What’s strangest is the raceless quality of the story — which never explores the prickly currents of Frida’s attraction to a white man of this economic bracket or her experience as a brown-skinned Black woman in such a white milieu. Stuck on the surface of Frida’s story, Tatum’s dexterity as a performer is tested. Toward the end of the film, Slater is found repeating similar verbiage from the video Frida played before the gala, apologizing until he is basically screaming “I am sorry,” spittle flying, face tense, body curved and crouched low. But like any man too self-involved and unhealed to confront the truth of himself, he doesn’t even say what he’s apologizing for. It isn’t entirely Tatum’s fault he can’t physically or emotionally pull this role off.
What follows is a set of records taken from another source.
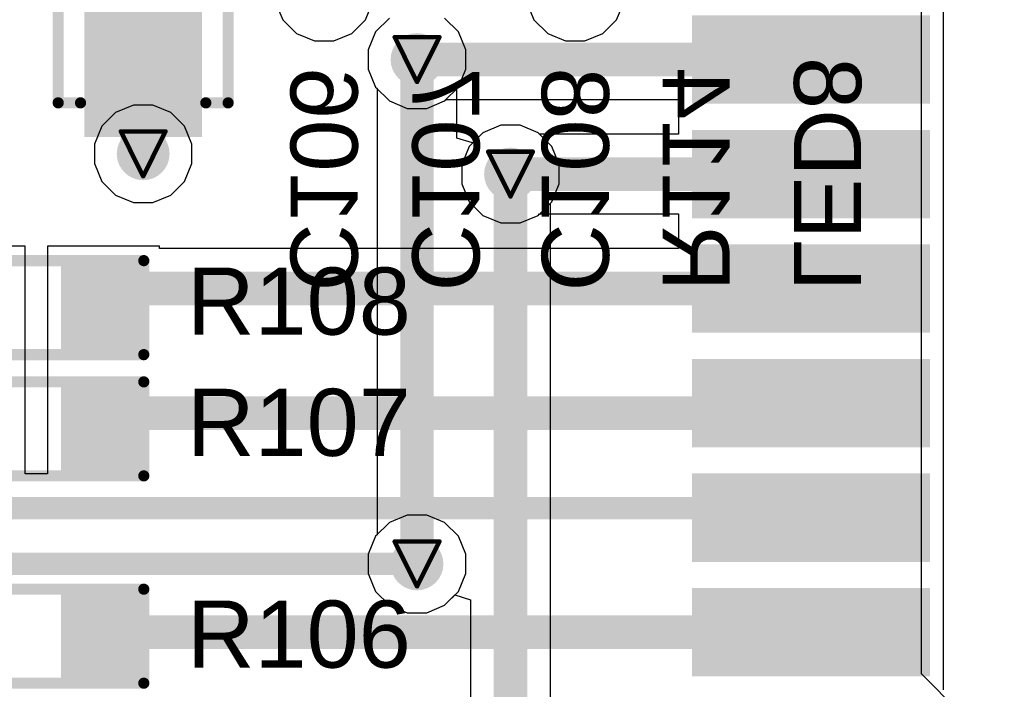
# Model space of a CAD drawing. Header units: inches. Extents: x 0 to 12.2, y 0 to 7.
# Tile 116 of 154: x 2.372 to 2.813, y 3.476 to 3.776. Entities that reach past the tile are written whole.
import ezdxf

# ---------------------------------------------------------------- set-up
doc = ezdxf.new("R2010")
doc.units = ezdxf.units.IN
doc.header["$MEASUREMENT"] = 0
for name, color, linetype in [('Bottom Layer', 5, 'Continuous'), ('Bottom Overlay', 54, 'Continuous'), ('Bottom Paste', 16, 'Continuous'), ('Bottom Solder', 6, 'Continuous'), ('Drill Drawing', 1, 'Continuous'), ('Layer 1', 16, 'Continuous'), ('Layer 2', 76, 'Continuous'), ('Top Layer', 1, 'Continuous'), ('Top Overlay', 2, 'Continuous'), ('Top Paste', 8, 'Continuous'), ('Top Solder', 216, 'Continuous'), ('Via Holes', 16, 'Continuous')]:
    doc.layers.add(name, color=color, linetype=linetype)
doc.styles.add('Arial', font='txt', dxfattribs={"height": 0.2})

# ---------------------------------------------------------------- blocks, each defined once
blk = doc.blocks.new('R___0603_7')
at = {"layer": 'Top Layer'}
for points in [[(-0.015, 0.0175), (-0.015, -0.0175), (-0.045, -0.0175), (-0.045, 0.0175)], [(0.045, 0.0175), (0.045, -0.0175), (0.015, -0.0175), (0.015, 0.0175)]]:
    blk.add_hatch(color=1, dxfattribs=at).paths.add_polyline_path(points)
at = {"layer": 'Top Paste'}
for points in [[(-0.015, 0.0175), (-0.015, -0.0175), (-0.045, -0.0175), (-0.045, 0.0175)], [(0.045, 0.0175), (0.045, -0.0175), (0.015, -0.0175), (0.015, 0.0175)]]:
    blk.add_hatch(color=8, dxfattribs=at).paths.add_polyline_path(points)
at = {"layer": 'Top Solder'}
for points in [[(-0.011, 0.0215), (-0.011, -0.0215), (-0.049, -0.0215), (-0.049, 0.0215)], [(0.049, 0.0215), (0.049, -0.0215), (0.011, -0.0215), (0.011, 0.0215)]]:
    blk.add_hatch(color=216, dxfattribs=at).paths.add_polyline_path(points)
at = {"layer": 'Top Overlay', "const_width": 0.005}
for points in [[(0.048, 0.021), (-0.048, 0.021)], [(-0.048, 0.021), (-0.048, -0.021)], [(0.048, 0.021), (0.048, -0.021)], [(0.048, -0.021), (-0.048, -0.021)]]:
    blk.add_lwpolyline(points, dxfattribs=at)
at = {"layer": 'Top Overlay', "const_width": 0.0025}
for points in [[(-0.04925, 0.021, 1), (-0.04675, 0.021, 1)], [(-0.04925, 0.021, 1), (-0.04675, 0.021, 1)], [(0.04675, 0.021, 1), (0.04925, 0.021, 1)], [(0.04675, 0.021, 1), (0.04925, 0.021, 1)], [(-0.04925, -0.021, 1), (-0.04675, -0.021, 1)], [(-0.04925, -0.021, 1), (-0.04675, -0.021, 1)], [(0.04675, -0.021, 1), (0.04925, -0.021, 1)], [(0.04675, -0.021, 1), (0.04925, -0.021, 1)]]:
    blk.add_lwpolyline(points, format="xyb", close=True, dxfattribs=at)
blk = doc.blocks.new('R___0603_8')
at = {"layer": 'Top Layer'}
for points in [[(-0.015, 0.0175), (-0.015, -0.0175), (-0.045, -0.0175), (-0.045, 0.0175)], [(0.045, 0.0175), (0.045, -0.0175), (0.015, -0.0175), (0.015, 0.0175)]]:
    blk.add_hatch(color=1, dxfattribs=at).paths.add_polyline_path(points)
at = {"layer": 'Top Paste'}
for points in [[(-0.015, 0.0175), (-0.015, -0.0175), (-0.045, -0.0175), (-0.045, 0.0175)], [(0.045, 0.0175), (0.045, -0.0175), (0.015, -0.0175), (0.015, 0.0175)]]:
    blk.add_hatch(color=8, dxfattribs=at).paths.add_polyline_path(points)
at = {"layer": 'Top Solder'}
for points in [[(-0.011, 0.0215), (-0.011, -0.0215), (-0.049, -0.0215), (-0.049, 0.0215)], [(0.049, 0.0215), (0.049, -0.0215), (0.011, -0.0215), (0.011, 0.0215)]]:
    blk.add_hatch(color=216, dxfattribs=at).paths.add_polyline_path(points)
at = {"layer": 'Top Overlay', "const_width": 0.005}
for points in [[(-0.048, 0.021), (-0.048, -0.021)], [(0.048, 0.021), (-0.048, 0.021)], [(0.048, 0.021), (0.048, -0.021)], [(0.048, -0.021), (-0.048, -0.021)]]:
    blk.add_lwpolyline(points, dxfattribs=at)
at = {"layer": 'Top Overlay', "const_width": 0.0025}
for points in [[(-0.04925, 0.021, 1), (-0.04675, 0.021, 1)], [(-0.04925, 0.021, 1), (-0.04675, 0.021, 1)], [(0.04675, 0.021, 1), (0.04925, 0.021, 1)], [(0.04675, 0.021, 1), (0.04925, 0.021, 1)], [(-0.04925, -0.021, 1), (-0.04675, -0.021, 1)], [(-0.04925, -0.021, 1), (-0.04675, -0.021, 1)], [(0.04675, -0.021, 1), (0.04925, -0.021, 1)], [(0.04675, -0.021, 1), (0.04925, -0.021, 1)]]:
    blk.add_lwpolyline(points, format="xyb", close=True, dxfattribs=at)
blk = doc.blocks.new('R___0603_9')
at = {"layer": 'Top Layer'}
for points in [[(-0.015, 0.0175), (-0.015, -0.0175), (-0.045, -0.0175), (-0.045, 0.0175)], [(0.045, 0.0175), (0.045, -0.0175), (0.015, -0.0175), (0.015, 0.0175)]]:
    blk.add_hatch(color=1, dxfattribs=at).paths.add_polyline_path(points)
at = {"layer": 'Top Paste'}
for points in [[(-0.015, 0.0175), (-0.015, -0.0175), (-0.045, -0.0175), (-0.045, 0.0175)], [(0.045, 0.0175), (0.045, -0.0175), (0.015, -0.0175), (0.015, 0.0175)]]:
    blk.add_hatch(color=8, dxfattribs=at).paths.add_polyline_path(points)
at = {"layer": 'Top Solder'}
for points in [[(-0.011, 0.0215), (-0.011, -0.0215), (-0.049, -0.0215), (-0.049, 0.0215)], [(0.049, 0.0215), (0.049, -0.0215), (0.011, -0.0215), (0.011, 0.0215)]]:
    blk.add_hatch(color=216, dxfattribs=at).paths.add_polyline_path(points)
at = {"layer": 'Top Overlay', "const_width": 0.005}
for points in [[(0.048, 0.021), (-0.048, 0.021)], [(-0.048, 0.021), (-0.048, -0.021)], [(0.048, 0.021), (0.048, -0.021)], [(0.048, -0.021), (-0.048, -0.021)]]:
    blk.add_lwpolyline(points, dxfattribs=at)
at = {"layer": 'Top Overlay', "const_width": 0.0025}
for points in [[(-0.04925, 0.021, 1), (-0.04675, 0.021, 1)], [(-0.04925, 0.021, 1), (-0.04675, 0.021, 1)], [(0.04675, 0.021, 1), (0.04925, 0.021, 1)], [(0.04675, 0.021, 1), (0.04925, 0.021, 1)], [(-0.04925, -0.021, 1), (-0.04675, -0.021, 1)], [(-0.04925, -0.021, 1), (-0.04675, -0.021, 1)], [(0.04675, -0.021, 1), (0.04925, -0.021, 1)], [(0.04675, -0.021, 1), (0.04925, -0.021, 1)]]:
    blk.add_lwpolyline(points, format="xyb", close=True, dxfattribs=at)
blk = doc.blocks.new('EC21EFA_512_STD_17')
at = {"layer": 'Top Layer'}
for points in [[(-0.13583, 0.61024), (-0.10433, 0.61024), (-0.10433, 0.51181), (-0.13583, 0.51181)], [(-0.08465, 0.61024), (-0.05315, 0.61024), (-0.05315, 0.51181), (-0.08465, 0.51181)], [(-0.03346, 0.61024), (-0.00197, 0.61024), (-0.00197, 0.51181), (-0.03346, 0.51181)], [(0.01772, 0.61024), (0.04921, 0.61024), (0.04921, 0.51181), (0.01772, 0.51181)], [(0.0689, 0.61024), (0.10039, 0.61024), (0.10039, 0.51181), (0.0689, 0.51181)], [(0.12008, 0.61024), (0.15157, 0.61024), (0.15157, 0.51181), (0.12008, 0.51181)]]:
    blk.add_hatch(color=1, dxfattribs=at).paths.add_polyline_path(points)
at = {"layer": 'Top Solder'}
for points in [[(-0.13983, 0.61424), (-0.10033, 0.61424), (-0.10033, 0.50781), (-0.13983, 0.50781)], [(-0.08865, 0.61424), (-0.04915, 0.61424), (-0.04915, 0.50781), (-0.08865, 0.50781)], [(-0.03746, 0.61424), (0.00203, 0.61424), (0.00203, 0.50781), (-0.03746, 0.50781)], [(0.01372, 0.61424), (0.05321, 0.61424), (0.05321, 0.50781), (0.01372, 0.50781)], [(0.0649, 0.61424), (0.10439, 0.61424), (0.10439, 0.50781), (0.0649, 0.50781)], [(0.11608, 0.61424), (0.15557, 0.61424), (0.15557, 0.50781), (0.11608, 0.50781)]]:
    blk.add_hatch(color=216, dxfattribs=at).paths.add_polyline_path(points)
blk = doc.blocks.new('C____A_B_251')
at = {"layer": 'Bottom Layer'}
for points in [[(-0.0752, 0.02224), (-0.01929, 0.02224), (-0.01929, -0.02224), (-0.0752, -0.02224)], [(0.01929, 0.02224), (0.0752, 0.02224), (0.0752, -0.02224), (0.01929, -0.02224)]]:
    blk.add_hatch(color=5, dxfattribs=at).paths.add_polyline_path(points)
at = {"layer": 'Bottom Paste'}
for points in [[(-0.0752, 0.02224), (-0.01929, 0.02224), (-0.01929, -0.02224), (-0.0752, -0.02224)], [(0.01929, 0.02224), (0.0752, 0.02224), (0.0752, -0.02224), (0.01929, -0.02224)]]:
    blk.add_hatch(color=16, dxfattribs=at).paths.add_polyline_path(points)
at = {"layer": 'Bottom Solder'}
for points in [[(-0.0792, 0.02624), (-0.01529, 0.02624), (-0.01529, -0.02624), (-0.0792, -0.02624)], [(0.01529, 0.02624), (0.0792, 0.02624), (0.0792, -0.02624), (0.01529, -0.02624)]]:
    blk.add_hatch(color=6, dxfattribs=at).paths.add_polyline_path(points)
at = {"layer": 'Bottom Overlay', "const_width": 0.005}
for points in [[(0.064, 0.038), (-0.064, 0.038)], [(-0.064, 0.03), (-0.064, 0.038)], [(0.064, 0.028), (0.064, 0.038)], [(0.064, -0.038), (0.064, -0.028)], [(-0.064, -0.038), (-0.064, -0.03)], [(0.064, -0.038), (-0.064, -0.038)]]:
    blk.add_lwpolyline(points, dxfattribs=at)
at = {"layer": 'Bottom Overlay', "const_width": 0.0025}
for points in [[(-0.06525, 0.038, 1), (-0.06275, 0.038, 1)], [(-0.06525, 0.038, 1), (-0.06275, 0.038, 1)], [(0.06275, 0.038, 1), (0.06525, 0.038, 1)], [(0.06275, 0.038, 1), (0.06525, 0.038, 1)], [(-0.06525, 0.03, 1), (-0.06275, 0.03, 1)], [(0.06275, 0.028, 1), (0.06525, 0.028, 1)], [(0.06275, -0.028, 1), (0.06525, -0.028, 1)], [(-0.06525, -0.03, 1), (-0.06275, -0.03, 1)], [(-0.06525, -0.038, 1), (-0.06275, -0.038, 1)], [(-0.06525, -0.038, 1), (-0.06275, -0.038, 1)], [(0.06275, -0.038, 1), (0.06525, -0.038, 1)], [(0.06275, -0.038, 1), (0.06525, -0.038, 1)]]:
    blk.add_lwpolyline(points, format="xyb", close=True, dxfattribs=at)

msp = doc.modelspace()

# ---------------------------------------------------------------- hatches: boundary and pattern name
at = {"layer": 'Bottom Layer'}
h = msp.add_hatch(color=5, dxfattribs=at)
edge = h.paths.add_edge_path()
edge.add_arc((2.5502, 3.75788), 0.01181, 0, 360)
h = msp.add_hatch(color=5, dxfattribs=at)
edge = h.paths.add_edge_path()
edge.add_arc((2.42772, 3.71575), 0.01181, 0, 360)
h = msp.add_hatch(color=5, dxfattribs=at)
edge = h.paths.add_edge_path()
edge.add_arc((2.592, 3.70669), 0.01181, 0, 360)
h = msp.add_hatch(color=5, dxfattribs=at)
edge = h.paths.add_edge_path()
edge.add_arc((2.5502, 3.53248), 0.01181, 0, 360)
at = {"layer": 'Layer 1'}
h = msp.add_hatch(color=16, dxfattribs=at)
edge = h.paths.add_edge_path()
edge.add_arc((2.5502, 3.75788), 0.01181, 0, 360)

But in the end, his performance is as shallow as the script, lacking the verve and ingenuity that would make Frida’s obsession intriguing. And Kravitz’s camera is too in love with him, too soft-handed to let Tatum be as nasty as the film requires. She hones in on his lips, his arms, his stubble, his smile. It’s too obsessed with the skin of the story to recognize the depths of what an actor’s beauty like Tatum can communicate. Blood is shed, lies are brought to light, yet truth is never found. Blink Twice is ultimately a glimmering bauble that demands to be taken more seriously than it deserves.